I agree with you that some dogs indeed have a quality I call charm. My red apricot spoo Mikkwa has charm in my opinion. She is the lowest dog on the 'totem pole' as far as her older half sister is concerned. Yet she is the one that often licks the eyes & ears of Nakia, said older sister & Cheyenne, her full sister litter mate. 

Mikkwa has to make sure all dogs are accounted for. And she is totally devoted to me, I often call her my 'velcro puppy' (she is 4 1/2 yrs old). Mikkwa is the one of the three that will prance around & throws her head back in a coy-come hither way her two sisters don't seem to have. 

With her charming way only Mikkwa can display, she makes me smile & I can't help but love her. She is a real charmer in the dog world, my world. Yes it is hard to describe but not hard to see!


----------



## CT Girl (Nov 17, 2010)

Very true. I think Swizzle is loaded with charm. He is packed with personality and very loving. I think part of his charm is that he approaches people and experiences with such gusto.


----------



## Indiana (Sep 11, 2011)

I think Maddy is charming. She is often so naughty, but she has such joy! She's a busy, busy girl but often in the middle of her usual activities (checking out what the cats are doing in the house, looking out the window at any block activity and also patrolling the perimeter of the yard is very important to her, popping her head under the fence to see what the neighbours are doing), she'll bounce back to me and give me a wiggly wag of the tag, a big grin and a little kiss on the ear. Then back to her busy day. Even when she digs a big hole in the wink of an eye, she's hard to be mad at because she does everything with such joy! And she loves everyone and everything.


----------



## Lou (Sep 22, 2012)

This is charm! And she definitely uses it to get away with stuff!! 

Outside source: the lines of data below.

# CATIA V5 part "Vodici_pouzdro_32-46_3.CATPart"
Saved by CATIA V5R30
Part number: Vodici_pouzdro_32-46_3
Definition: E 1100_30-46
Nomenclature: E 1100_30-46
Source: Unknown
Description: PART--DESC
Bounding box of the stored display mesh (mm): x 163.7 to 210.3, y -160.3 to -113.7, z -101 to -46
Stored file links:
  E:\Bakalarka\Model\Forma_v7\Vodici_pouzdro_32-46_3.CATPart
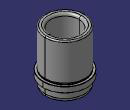
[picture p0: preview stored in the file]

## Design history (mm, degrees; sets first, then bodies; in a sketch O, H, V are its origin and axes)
Body1 "MANIFOLD_SOLID_BREP #3938" (main body)
  Solid1: solid without history
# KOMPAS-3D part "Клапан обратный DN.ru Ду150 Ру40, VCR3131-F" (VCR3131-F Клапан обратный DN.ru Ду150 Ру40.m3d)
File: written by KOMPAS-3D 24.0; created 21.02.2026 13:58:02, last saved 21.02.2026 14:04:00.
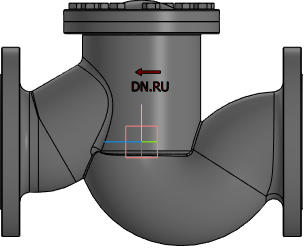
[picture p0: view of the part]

Document properties: Автор: R2D2; Полное имя файла: VCR3131-F Клапан обратный DN.ru Ду150 Ру40.cdw

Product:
- Part/product: Клапан обратный DN.ru Ду150 Ру40  | designation VCR3131-F
    Масса: 53.5
    Раздел спецификации: Прочие изделия
    Форматы листов документа: A2
    Примечание: D100-04046
    additional columns: D100-04046

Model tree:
1. Операция без истории:1

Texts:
  VCR3131-F
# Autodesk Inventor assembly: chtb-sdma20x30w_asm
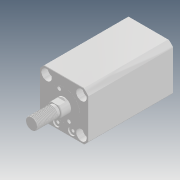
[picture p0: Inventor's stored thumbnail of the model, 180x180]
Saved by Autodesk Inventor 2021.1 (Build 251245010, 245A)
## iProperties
Company: Microsoft
Created: 2018-05
Part Number: chtb-sdma20x30w_asm
Description: STEP AP214
Document SubType Name: Assembly
Designer: user
Title: chtb-sdma20x30w_asm.STEP
Author: Windows
Revision Number: ÈÎºÎ
Sending System: SolidWorks 2015
Preprocessor: SwSTEP 2.0
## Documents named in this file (4)
- D:\Vault_2016\Projekty\Clamptek\Hydraulic\CHTB\CHTB-20\Inventor\CHTB-SDMA20x30W\chtb-sdma20x30w_asm.iam
- D:\Vault_2016\Projekty\Clamptek\Hydraulic\CHTB\CHTB-20\Inventor\CHTB-SDMA20x30W\CHTB-SDMA20X30NBT.ipt
- D:\Vault_2016\Projekty\Clamptek\Hydraulic\CHTB\CHTB-20\Inventor\CHTB-SDMA20x30W\CHTB-SDMA20X30WHSG.ipt
- D:\Vault_2016\Projekty\Clamptek\Hydraulic\CHTB\CHTB-20\Inventor\CHTB-SDMA20x30W\QG_3.ipt
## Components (3 placed, 3 different names)
1. CHTB-SDMA20X30NBT_1
2. CHTB-SDMA20X30WHSG_2
3. QG_3_3

[/url] LOU CLOSE UP MODELING by Louthespoo, on Flickr[/IMG]


----------



## fjm (Jun 4, 2010)

Yes, I recognise all of those - the little tail wiggle just for you, greeting people as valued friends, the head tilted just a little to one side...


----------



## HerdingStdPoodle (Oct 17, 2012)

*Petitpie "People" Charm*

Originally posted by *FMJ*:


> I am hard pressed to define it [Charm] - an ability to make people and dogs feel valued and needed? To make them feel better about themselves? To make people smile no matter what? The dictionary definition ("The power or quality of pleasing or delighting; attractiveness") only begins to describe it - a quality we all know when we meet it, but find very difficult to describe.


The definition of Charm is an interesting question to ponder, whether in canines or people. For me, Petitpie is the epitome of this pleasing quality of Charm. HerdingStdPoodle


----------



## Petitpie'sDH (Mar 22, 2013)

HerdingStdPoodle said:


> Originally posted by *FMJ*:
> 
> 
> The definition of Charm is an interesting question to ponder, whether in canines or people. For me, Petitpie is the epitome of this pleasing quality of Charm. HerdingStdPoodle


Thank you HerdingStdPoodle for that sweet sentiment about my beloved Petitpie.


----------